On imprimait jadis à Amsterdam les ouvrages d’écrivains français qui ne pouvaient ou ne voulaient pas publier dans leur pays natal. Ce n’est plus aujourd’hui la crainte de la censure ou de la prison qui pousse les auteurs à exporter leur production, mais la dure loi du marché. Le désir de toucher le plus large public inspire des parutions en langue anglaise, même de la part d’éditeurs non anglophones. Ainsi s’explique l’existence de Mozart, Applied Anthropology Inquest de notre compatriote Pierre-François Puech, que propose la maison d’édition Angelo Pontecorboli, installée à Florence. Même si rien de tel n’est indiqué dans les pages du volume, il s’agit de la traduction du livre qu’il avait fait paraître en 1993, et encore disponible, Mozart : une enquête hors du commun (Maison Rhodanienne). Peut-être l’auteur y aura-t-il apporté quelques modifications de détail, mais dans l’ensemble le texte est le même. Enfin, le même après un passage sous les fourches caudines d’un changement de langue dont on se demande à qui ou à quoi il a été confié. La traduction est attribuée est à un certain « John Dennison », qui semble avoir une connaissance assez imparfaite tant de l’anglais que de français. En effet, le texte est rédigé dans une langue approximative, qui réserve au lecteur quelques étonnements ou éclats de rire. On apprend ainsi que La Clémence de Titus relève d’un genre appelé « serial opera », comme il existe des serial killers. Un médecin range un couteau dans sa serviette de cuir, ici rendu par leather towel, autrement dit un essuie-main en peau de vache, qu’on imagine très commode pour contenir les objets (et surtout pour s’y frotter les parties du corps qu’on vient de laver). Calques grossiers et faux amis abondent, dont on donnera un dernier exemple : « He is not a child who has been told the story of the Requiem », parodie grotesque de la phrase « Il n’est pas un enfant à qui l’on n’ait conté l’histoire du Requiem ».
Si l’on parvient à faire abstraction de ces bourdes omniprésentes, on retrouve le récit assez passionnant que Pierre-François Puech proposait déjà au lendemain du bicentenaire de la mort de Mozart.
Le livre parle sans doute moins de musique que de science, mais le sous-titre le laisse assez deviner. Tout commence par un préambule assez fascinant où sont évoqués différents bustes posthumes du compositeur, notamment l’effigie de Mahler que Rodin baptisa Mozart, et où l’on reconnaît fort bien les traits de l’auteur des Kindertotenlieder, pour aboutir à l’étrange création reproduite en couverture, élaborée à partir du crâne conservé au Mozarteum de Salzbourg.
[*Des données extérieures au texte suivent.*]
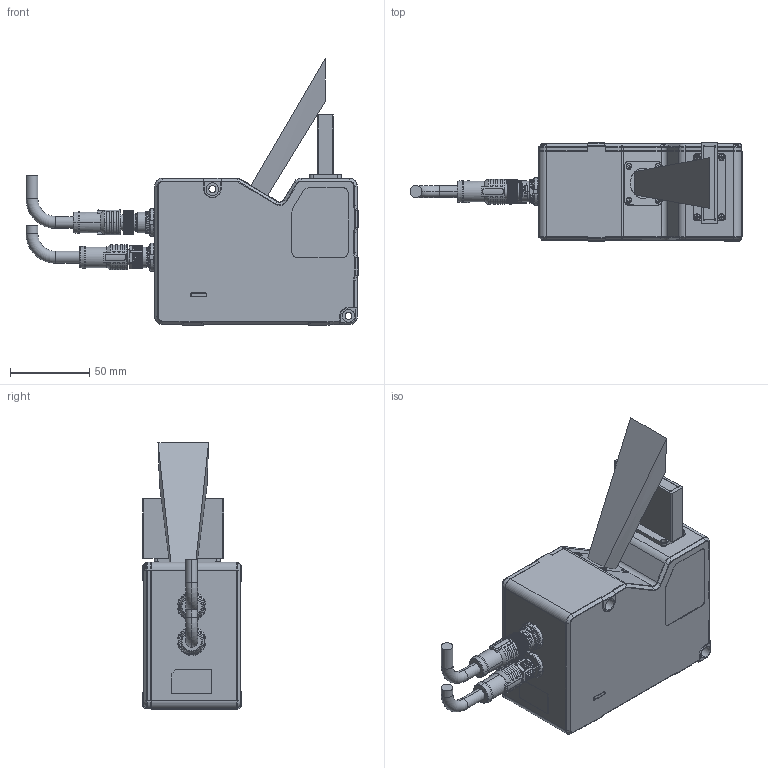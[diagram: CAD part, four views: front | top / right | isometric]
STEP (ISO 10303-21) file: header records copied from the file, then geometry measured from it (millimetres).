
FILE_DESCRIPTION((''),'2;1');
FILE_NAME('MV-DP3060-01PS','2026-04-27T17:07:26',('liudeting'),(''),'CREO PARAMETRIC BY PTC INC, 2020044','CREO PARAMETRIC BY PTC INC, 2020044','');
FILE_SCHEMA(('CONFIG_CONTROL_DESIGN'));
Products named in the file (1): MV-DP3060-01PS
Bounding box: 209.75 x 62 x 168.5 mm (x, y, z)
Surface area: 73668.8 mm2 (no closed solid volume)
Topology: 0 solids, 87 shells, 1473 faces, 4929 edges, 3477 vertices
Faces by surface type: plane 749, cylinder 446, cone 134, torus 113, bspline 31
Entity records: 71973 total; most frequent: CARTESIAN_POINT 30440, DIRECTION 8599, ORIENTED_EDGE 7889, EDGE_CURVE 4919, VERTEX_POINT 3477, AXIS2_PLACEMENT_3D 3025, VECTOR 2549, LINE 2549
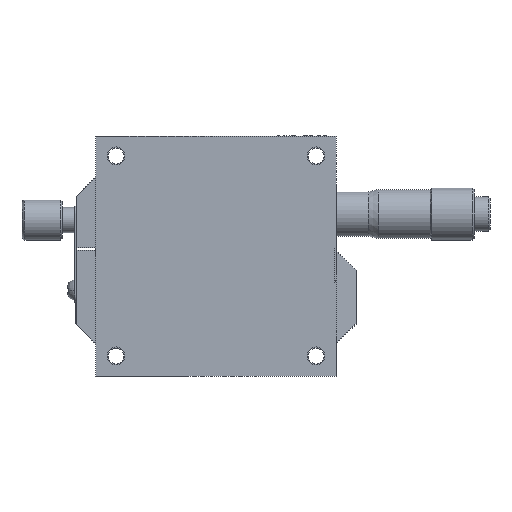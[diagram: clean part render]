
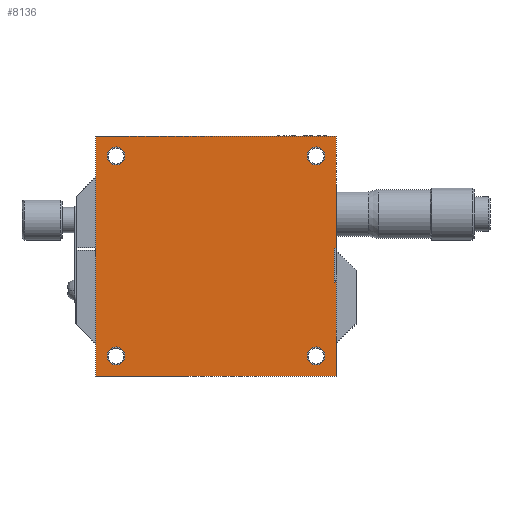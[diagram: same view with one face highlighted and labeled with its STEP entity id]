
A CAD part, front view. The second image highlights one B-rep face of the part: STEP entity #8136.
In plain terms, the highlighted planar face has unit normal (0, -1, 0).
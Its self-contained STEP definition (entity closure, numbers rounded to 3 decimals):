
#3173 = CARTESIAN_POINT ( 'NONE',  ( -27.25, -40., -25. ) ) ;
#3174 = CARTESIAN_POINT ( 'NONE',  ( -22.75, -40., -25. ) ) ;
#3175 = DIRECTION ( 'NONE',  ( -1., 0., 0. ) ) ;
#3179 = CIRCLE ( 'NONE', #3182, 2.25 ) ;
#3180 = DIRECTION ( 'NONE',  ( 0., 1., 0. ) ) ;
#3181 = CARTESIAN_POINT ( 'NONE',  ( -25., -40., -25. ) ) ;
#3182 = AXIS2_PLACEMENT_3D ( 'NONE', #3181, #3180, #3175 ) ;
#3532 = CARTESIAN_POINT ( 'NONE',  ( 27.25, -40., -25. ) ) ;
#3575 = CIRCLE ( 'NONE', #3579, 2.25 ) ;
#3576 = DIRECTION ( 'NONE',  ( -1., 0., 0. ) ) ;
#3577 = DIRECTION ( 'NONE',  ( 0., 1., 0. ) ) ;
#3578 = CARTESIAN_POINT ( 'NONE',  ( -25., -40., 25. ) ) ;
#3579 = AXIS2_PLACEMENT_3D ( 'NONE', #3578, #3577, #3576 ) ;
#3580 = CARTESIAN_POINT ( 'NONE',  ( -22.75, -40., 25. ) ) ;
#3592 = CARTESIAN_POINT ( 'NONE',  ( -27.25, -40., 25. ) ) ;
#3601 = CARTESIAN_POINT ( 'NONE',  ( 22.75, -40., -25. ) ) ;
#3903 = DIRECTION ( 'NONE',  ( -1., 0., 0. ) ) ;
#3904 = DIRECTION ( 'NONE',  ( 0., 1., 0. ) ) ;
#3905 = CARTESIAN_POINT ( 'NONE',  ( 25., -40., 25. ) ) ;
#3906 = AXIS2_PLACEMENT_3D ( 'NONE', #3905, #3904, #3903 ) ;
#3907 = CIRCLE ( 'NONE', #3906, 2.25 ) ;
#3939 = CARTESIAN_POINT ( 'NONE',  ( 22.75, -40., 25. ) ) ;
#3941 = CARTESIAN_POINT ( 'NONE',  ( 27.25, -40., 25. ) ) ;
#3952 = CARTESIAN_POINT ( 'NONE',  ( 30., -40., 30. ) ) ;
#3953 = CARTESIAN_POINT ( 'NONE',  ( -30., -40., 30. ) ) ;
#4228 = CARTESIAN_POINT ( 'NONE',  ( 29.5, -40., -6.5 ) ) ;
#4229 = LINE ( 'NONE', #4228, #4426 ) ;
#4304 = DIRECTION ( 'NONE',  ( 1., 0., 0. ) ) ;
#4305 = VECTOR ( 'NONE', #4304, 1000. ) ;
#4324 = CARTESIAN_POINT ( 'NONE',  ( -30., -40., 30. ) ) ;
#4325 = LINE ( 'NONE', #4324, #4305 ) ;
#4425 = DIRECTION ( 'NONE',  ( 1., 0., 0. ) ) ;
#4426 = VECTOR ( 'NONE', #4425, 1000. ) ;
#4747 = FACE_BOUND ( 'NONE', #8307, .T. ) ;
#4748 = DIRECTION ( 'NONE',  ( 0., 0., -1. ) ) ;
#4749 = VECTOR ( 'NONE', #4748, 1000. ) ;
#4750 = CARTESIAN_POINT ( 'NONE',  ( 29.5, -40., 2. ) ) ;
#4751 = LINE ( 'NONE', #4750, #4749 ) ;
#4810 = DIRECTION ( 'NONE',  ( -1., 0., 0. ) ) ;
#4811 = DIRECTION ( 'NONE',  ( 0., 1., 0. ) ) ;
#4812 = CARTESIAN_POINT ( 'NONE',  ( -25., -40., -25. ) ) ;
#4813 = AXIS2_PLACEMENT_3D ( 'NONE', #4812, #4811, #4810 ) ;
#4814 = CIRCLE ( 'NONE', #4813, 2.25 ) ;
#4815 = DIRECTION ( 'NONE',  ( -1., 0., 0. ) ) ;
#4816 = DIRECTION ( 'NONE',  ( 0., 1., 0. ) ) ;
#4817 = CARTESIAN_POINT ( 'NONE',  ( -25., -40., 25. ) ) ;
#4818 = AXIS2_PLACEMENT_3D ( 'NONE', #4817, #4816, #4815 ) ;
#4819 = CIRCLE ( 'NONE', #4818, 2.25 ) ;
#4823 = DIRECTION ( 'NONE',  ( 0., 0., -1. ) ) ;
#4824 = DIRECTION ( 'NONE',  ( 0., -1., 0. ) ) ;
#4825 = CARTESIAN_POINT ( 'NONE',  ( 30., -40., -30. ) ) ;
#4826 = AXIS2_PLACEMENT_3D ( 'NONE', #4825, #4824, #4823 ) ;
#4828 = PLANE ( 'NONE',  #4826 ) ;
#4829 = FACE_BOUND ( 'NONE', #8315, .T. ) ;
#4830 = FACE_BOUND ( 'NONE', #8316, .T. ) ;
#4831 = FACE_OUTER_BOUND ( 'NONE', #8311, .T. ) ;
#4832 = FACE_BOUND ( 'NONE', #8233, .T. ) ;
#5045 = VECTOR ( 'NONE', #5047, 1000. ) ;
#5047 = DIRECTION ( 'NONE',  ( 0., 0., -1. ) ) ;
#5048 = CARTESIAN_POINT ( 'NONE',  ( 30., -40., 30. ) ) ;
#5082 = LINE ( 'NONE', #5048, #5045 ) ;
#5096 = CARTESIAN_POINT ( 'NONE',  ( 30., -40., -30. ) ) ;
#5097 = DIRECTION ( 'NONE',  ( -1., 0., 0. ) ) ;
#5098 = VECTOR ( 'NONE', #5097, 1000. ) ;
#5099 = CARTESIAN_POINT ( 'NONE',  ( 30., -40., -30. ) ) ;
#5116 = CARTESIAN_POINT ( 'NONE',  ( 29.5, -40., -6.5 ) ) ;
#5117 = DIRECTION ( 'NONE',  ( -1., 0., 0. ) ) ;
#5118 = DIRECTION ( 'NONE',  ( 0., 1., 0. ) ) ;
#5119 = CARTESIAN_POINT ( 'NONE',  ( 25., -40., -25. ) ) ;
#5120 = AXIS2_PLACEMENT_3D ( 'NONE', #5119, #5118, #5117 ) ;
#5121 = CIRCLE ( 'NONE', #5120, 2.25 ) ;
#5138 = CARTESIAN_POINT ( 'NONE',  ( 30., -40., -6.5 ) ) ;
#5139 = CARTESIAN_POINT ( 'NONE',  ( 30., -40., 2. ) ) ;
#5140 = CARTESIAN_POINT ( 'NONE',  ( 29.5, -40., 2. ) ) ;
#5141 = DIRECTION ( 'NONE',  ( 1., 0., 0. ) ) ;
#5142 = VECTOR ( 'NONE', #5141, 1000. ) ;
#5143 = CARTESIAN_POINT ( 'NONE',  ( 29.5, -40., 2. ) ) ;
#5144 = LINE ( 'NONE', #5143, #5142 ) ;
#5160 = LINE ( 'NONE', #5099, #5098 ) ;
#5161 = CARTESIAN_POINT ( 'NONE',  ( -30., -40., -30. ) ) ;
#5162 = DIRECTION ( 'NONE',  ( 0., 0., 1. ) ) ;
#5163 = VECTOR ( 'NONE', #5162, 1000. ) ;
#5164 = CARTESIAN_POINT ( 'NONE',  ( -30., -40., -30. ) ) ;
#5174 = DIRECTION ( 'NONE',  ( -1., 0., 0. ) ) ;
#5175 = DIRECTION ( 'NONE',  ( 0., 1., 0. ) ) ;
#5176 = CARTESIAN_POINT ( 'NONE',  ( 25., -40., 25. ) ) ;
#5177 = AXIS2_PLACEMENT_3D ( 'NONE', #5176, #5175, #5174 ) ;
#5178 = CIRCLE ( 'NONE', #5177, 2.25 ) ;
#5205 = DIRECTION ( 'NONE',  ( 0., 0., -1. ) ) ;
#5206 = CARTESIAN_POINT ( 'NONE',  ( 30., -40., 30. ) ) ;
#5207 = LINE ( 'NONE', #5206, #5209 ) ;
#5208 = LINE ( 'NONE', #5164, #5163 ) ;
#5209 = VECTOR ( 'NONE', #5205, 1000. ) ;
#7371 = EDGE_CURVE ( 'NONE', #7592, #7591, #14728, .T. ) ;
#7530 = EDGE_CURVE ( 'NONE', #7531, #7532, #3179, .T. ) ;
#7531 = VERTEX_POINT ( 'NONE', #3174 ) ;
#7532 = VERTEX_POINT ( 'NONE', #3173 ) ;
#7591 = VERTEX_POINT ( 'NONE', #3601 ) ;
#7592 = VERTEX_POINT ( 'NONE', #3532 ) ;
#7594 = EDGE_CURVE ( 'NONE', #7595, #7596, #3575, .T. ) ;
#7595 = VERTEX_POINT ( 'NONE', #3580 ) ;
#7596 = VERTEX_POINT ( 'NONE', #3592 ) ;
#7720 = VERTEX_POINT ( 'NONE', #3941 ) ;
#7722 = VERTEX_POINT ( 'NONE', #3939 ) ;
#7740 = EDGE_CURVE ( 'NONE', #7720, #7722, #3907, .T. ) ;
#7781 = VERTEX_POINT ( 'NONE', #3953 ) ;
#7782 = VERTEX_POINT ( 'NONE', #3952 ) ;
#7824 = EDGE_CURVE ( 'NONE', #7781, #7782, #4325, .T. ) ;
#8131 = EDGE_CURVE ( 'NONE', #8227, #8310, #4751, .T. ) ;
#8132 = ORIENTED_EDGE ( 'NONE', *, *, #8131, .F. ) ;
#8136 = ADVANCED_FACE ( 'NONE', ( #4747, #4832, #4831, #4830, #4829 ), #4828, .T. ) ;
#8160 = EDGE_CURVE ( 'NONE', #7596, #7595, #4819, .T. ) ;
#8161 = ORIENTED_EDGE ( 'NONE', *, *, #8162, .T. ) ;
#8162 = EDGE_CURVE ( 'NONE', #7532, #7531, #4814, .T. ) ;
#8163 = ORIENTED_EDGE ( 'NONE', *, *, #7530, .T. ) ;
#8164 = EDGE_CURVE ( 'NONE', #8310, #8230, #4229, .T. ) ;
#8165 = ORIENTED_EDGE ( 'NONE', *, *, #8160, .T. ) ;
#8166 = ORIENTED_EDGE ( 'NONE', *, *, #8167, .F. ) ;
#8167 = EDGE_CURVE ( 'NONE', #8230, #8180, #5082, .T. ) ;
#8173 = EDGE_CURVE ( 'NONE', #7782, #8228, #5207, .T. ) ;
#8174 = ORIENTED_EDGE ( 'NONE', *, *, #7824, .F. ) ;
#8175 = ORIENTED_EDGE ( 'NONE', *, *, #8176, .F. ) ;
#8176 = EDGE_CURVE ( 'NONE', #8177, #7781, #5208, .T. ) ;
#8177 = VERTEX_POINT ( 'NONE', #5161 ) ;
#8178 = ORIENTED_EDGE ( 'NONE', *, *, #8179, .F. ) ;
#8179 = EDGE_CURVE ( 'NONE', #8180, #8177, #5160, .T. ) ;
#8180 = VERTEX_POINT ( 'NONE', #5096 ) ;
#8188 = ORIENTED_EDGE ( 'NONE', *, *, #7594, .T. ) ;
#8210 = EDGE_CURVE ( 'NONE', #7722, #7720, #5178, .T. ) ;
#8211 = ORIENTED_EDGE ( 'NONE', *, *, #7740, .T. ) ;
#8225 = ORIENTED_EDGE ( 'NONE', *, *, #8226, .T. ) ;
#8226 = EDGE_CURVE ( 'NONE', #8227, #8228, #5144, .T. ) ;
#8227 = VERTEX_POINT ( 'NONE', #5140 ) ;
#8228 = VERTEX_POINT ( 'NONE', #5139 ) ;
#8229 = ORIENTED_EDGE ( 'NONE', *, *, #8173, .F. ) ;
#8230 = VERTEX_POINT ( 'NONE', #5138 ) ;
#8231 = ORIENTED_EDGE ( 'NONE', *, *, #8164, .F. ) ;
#8232 = ORIENTED_EDGE ( 'NONE', *, *, #7371, .T. ) ;
#8233 = EDGE_LOOP ( 'NONE', ( #8234, #8211 ) ) ;
#8234 = ORIENTED_EDGE ( 'NONE', *, *, #8210, .T. ) ;
#8307 = EDGE_LOOP ( 'NONE', ( #8308, #8232 ) ) ;
#8308 = ORIENTED_EDGE ( 'NONE', *, *, #8309, .T. ) ;
#8309 = EDGE_CURVE ( 'NONE', #7591, #7592, #5121, .T. ) ;
#8310 = VERTEX_POINT ( 'NONE', #5116 ) ;
#8311 = EDGE_LOOP ( 'NONE', ( #8225, #8229, #8174, #8175, #8178, #8166, #8231, #8132 ) ) ;
#8315 = EDGE_LOOP ( 'NONE', ( #8161, #8163 ) ) ;
#8316 = EDGE_LOOP ( 'NONE', ( #8165, #8188 ) ) ;
#14728 = CIRCLE ( 'NONE', #14740, 2.25 ) ;
#14739 = CARTESIAN_POINT ( 'NONE',  ( 25., -40., -25. ) ) ;
#14740 = AXIS2_PLACEMENT_3D ( 'NONE', #14739, #14774, #14773 ) ;
#14773 = DIRECTION ( 'NONE',  ( -1., 0., 0. ) ) ;
#14774 = DIRECTION ( 'NONE',  ( 0., 1., 0. ) ) ;

On entre dans le vif du sujet avec un rapide aperçu des derniers jours de Mozart, mais l’essentiel se déroule après son décès. C’est d’abord le récit détaillé de la prise d’empreinte pour la fabrication du masque mortuaire de Wolfgang. C’est ensuite l’histoire rocambolesque des fossoyeurs qui auraient marqué le squelette dans la fosse commune afin d’être capables par la suite de le retrouver : de là provient le crâne étudié au XIXe siècle par divers spécialistes (qui l’endommagèrent irrémédiablement), avec une intéressante digression sur les pratiques de l’époque en matière de collection – et de vol – de crânes d’hommes célèbres. Evidemment, on peut se demander si le crâne autour duquel tourne toute l’affaire est bien celui de Mozart : impossible d’en être sûr à 100%, mais les indices semblent concorder.
Vient enfin une véritable enquête médico-légale sur la mort d’Amadeus, où il est naturellement question des véritables causes de la mort du compositeur, et donc beaucoup de Salieri. La légende de l’empoisonnement vient du père des Danaïdes lui-même, qui s’en accusa sur le tard, et qui eut le succès que l’on sait, de Pouchkine à Milos Forman.
Outre la postface signée Yves Coppens, le volume se termine sur deux appendices : une étude sur le portrait de Mozart à 9 ans et demi par Zoffany, mis en rapport avec une radio céphalométrique de son crâne présumé ; une étude plus spécifiques de la dentition du crâne en question. Plusieurs illustrations viennent éclairer les conclusions formulées tout au long de l’ouvrage.